[Start of section]
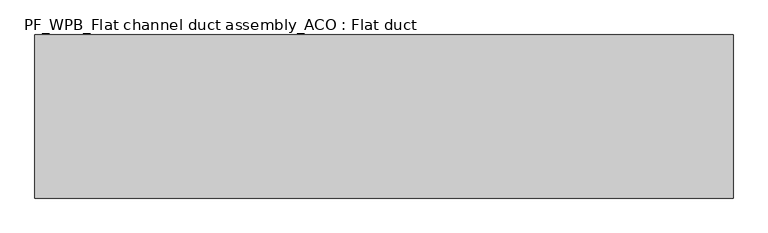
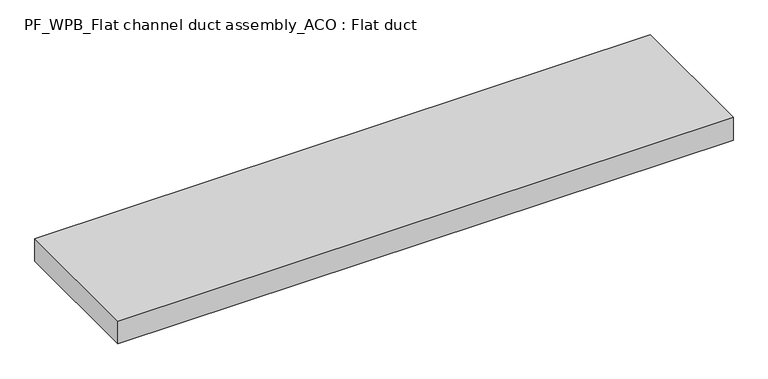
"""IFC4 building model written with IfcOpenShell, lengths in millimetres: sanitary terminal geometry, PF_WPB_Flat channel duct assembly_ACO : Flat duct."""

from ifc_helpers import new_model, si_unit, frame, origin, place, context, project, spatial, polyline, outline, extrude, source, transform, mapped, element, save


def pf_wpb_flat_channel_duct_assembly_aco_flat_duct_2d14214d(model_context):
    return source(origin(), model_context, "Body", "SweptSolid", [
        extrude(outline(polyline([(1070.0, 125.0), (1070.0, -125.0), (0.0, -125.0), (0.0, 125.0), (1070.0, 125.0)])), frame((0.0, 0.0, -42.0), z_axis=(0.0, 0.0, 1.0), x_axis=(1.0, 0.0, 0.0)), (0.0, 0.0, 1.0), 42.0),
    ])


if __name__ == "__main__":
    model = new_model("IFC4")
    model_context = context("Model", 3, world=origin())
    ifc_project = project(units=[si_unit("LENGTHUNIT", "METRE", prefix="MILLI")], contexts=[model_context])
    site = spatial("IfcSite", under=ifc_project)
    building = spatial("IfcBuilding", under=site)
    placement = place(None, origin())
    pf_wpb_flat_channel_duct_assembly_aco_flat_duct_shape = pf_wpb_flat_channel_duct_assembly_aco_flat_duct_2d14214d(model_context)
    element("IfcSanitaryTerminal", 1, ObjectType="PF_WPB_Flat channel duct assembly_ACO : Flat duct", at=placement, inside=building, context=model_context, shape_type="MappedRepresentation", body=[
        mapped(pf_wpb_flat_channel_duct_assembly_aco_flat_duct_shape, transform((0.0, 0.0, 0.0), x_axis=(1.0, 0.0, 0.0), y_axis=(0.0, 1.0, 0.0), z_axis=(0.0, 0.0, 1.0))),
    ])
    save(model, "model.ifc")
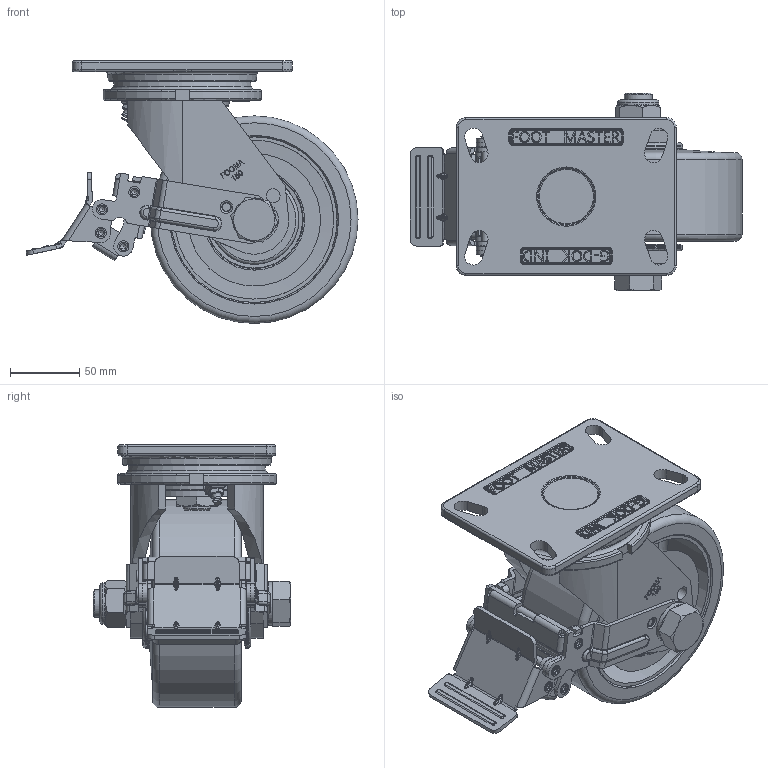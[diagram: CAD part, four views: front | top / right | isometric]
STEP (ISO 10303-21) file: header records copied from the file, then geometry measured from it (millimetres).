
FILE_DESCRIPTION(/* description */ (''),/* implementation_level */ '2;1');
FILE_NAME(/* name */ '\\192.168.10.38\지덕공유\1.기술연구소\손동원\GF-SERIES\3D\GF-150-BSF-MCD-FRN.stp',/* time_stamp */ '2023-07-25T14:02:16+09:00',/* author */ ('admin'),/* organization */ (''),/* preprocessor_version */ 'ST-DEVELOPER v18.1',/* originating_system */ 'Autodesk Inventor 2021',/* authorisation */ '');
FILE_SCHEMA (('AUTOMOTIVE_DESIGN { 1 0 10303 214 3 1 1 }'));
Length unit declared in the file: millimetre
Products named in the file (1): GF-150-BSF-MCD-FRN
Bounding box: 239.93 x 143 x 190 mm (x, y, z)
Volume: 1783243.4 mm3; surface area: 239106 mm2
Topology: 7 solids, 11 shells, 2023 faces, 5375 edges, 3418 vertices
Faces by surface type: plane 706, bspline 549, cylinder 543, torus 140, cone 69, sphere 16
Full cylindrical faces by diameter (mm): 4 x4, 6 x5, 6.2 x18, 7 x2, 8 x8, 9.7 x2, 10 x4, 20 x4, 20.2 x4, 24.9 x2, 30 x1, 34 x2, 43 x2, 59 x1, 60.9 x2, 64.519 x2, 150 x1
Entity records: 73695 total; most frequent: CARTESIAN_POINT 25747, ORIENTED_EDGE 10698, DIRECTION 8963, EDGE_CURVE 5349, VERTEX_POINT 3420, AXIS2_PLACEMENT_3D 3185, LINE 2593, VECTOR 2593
[End of section]
The task -> Write out all the records exactly, omitting the images.

Task output ->
"""IFC4 building model written with IfcOpenShell, lengths in millimetres: sanitary terminal geometry, PF_WPB_Flat channel duct assembly_ACO : Flat duct."""

from ifc_helpers import new_model, si_unit, frame, origin, place, context, project, spatial, polyline, outline, extrude, source, transform, mapped, element, save


def pf_wpb_flat_channel_duct_assembly_aco_flat_duct_2d14214d(model_context):
    return source(origin(), model_context, "Body", "SweptSolid", [
        extrude(outline(polyline([(1070.0, 125.0), (1070.0, -125.0), (0.0, -125.0), (0.0, 125.0), (1070.0, 125.0)])), frame((0.0, 0.0, -42.0), z_axis=(0.0, 0.0, 1.0), x_axis=(1.0, 0.0, 0.0)), (0.0, 0.0, 1.0), 42.0),
    ])


if __name__ == "__main__":
    model = new_model("IFC4")
    model_context = context("Model", 3, world=origin())
    ifc_project = project(units=[si_unit("LENGTHUNIT", "METRE", prefix="MILLI")], contexts=[model_context])
    site = spatial("IfcSite", under=ifc_project)
    building = spatial("IfcBuilding", under=site)
    placement = place(None, origin())
    pf_wpb_flat_channel_duct_assembly_aco_flat_duct_shape = pf_wpb_flat_channel_duct_assembly_aco_flat_duct_2d14214d(model_context)
    element("IfcSanitaryTerminal", 1, ObjectType="PF_WPB_Flat channel duct assembly_ACO : Flat duct", at=placement, inside=building, context=model_context, shape_type="MappedRepresentation", body=[
        mapped(pf_wpb_flat_channel_duct_assembly_aco_flat_duct_shape, transform((0.0, 0.0, 0.0), x_axis=(1.0, 0.0, 0.0), y_axis=(0.0, 1.0, 0.0), z_axis=(0.0, 0.0, 1.0))),
    ])
    save(model, "model.ifc")
[diagram: CAD part, four views: front | top / right | isometric]
STEP (ISO 10303-21) file: header records copied from the file, then geometry measured from it (millimetres).
FILE_DESCRIPTION(/* description */ (''),/* implementation_level */ '2;1');
FILE_NAME(/* name */ '\\192.168.10.38\지덕공유\1.기술연구소\손동원\GF-SERIES\3D\GF-150-BSF-MCD-FRN.stp',/* time_stamp */ '2023-07-25T14:02:16+09:00',/* author */ ('admin'),/* organization */ (''),/* preprocessor_version */ 'ST-DEVELOPER v18.1',/* originating_system */ 'Autodesk Inventor 2021',/* authorisation */ '');
FILE_SCHEMA (('AUTOMOTIVE_DESIGN { 1 0 10303 214 3 1 1 }'));
Length unit declared in the file: millimetre
Products named in the file (1): GF-150-BSF-MCD-FRN
Bounding box: 239.93 x 143 x 190 mm (x, y, z)
Volume: 1783243.4 mm3; surface area: 239106 mm2
Topology: 7 solids, 11 shells, 2023 faces, 5375 edges, 3418 vertices
Faces by surface type: plane 706, bspline 549, cylinder 543, torus 140, cone 69, sphere 16
Full cylindrical faces by diameter (mm): 4 x4, 6 x5, 6.2 x18, 7 x2, 8 x8, 9.7 x2, 10 x4, 20 x4, 20.2 x4, 24.9 x2, 30 x1, 34 x2, 43 x2, 59 x1, 60.9 x2, 64.519 x2, 150 x1
Entity records: 73695 total; most frequent: CARTESIAN_POINT 25747, ORIENTED_EDGE 10698, DIRECTION 8963, EDGE_CURVE 5349, VERTEX_POINT 3420, AXIS2_PLACEMENT_3D 3185, LINE 2593, VECTOR 2593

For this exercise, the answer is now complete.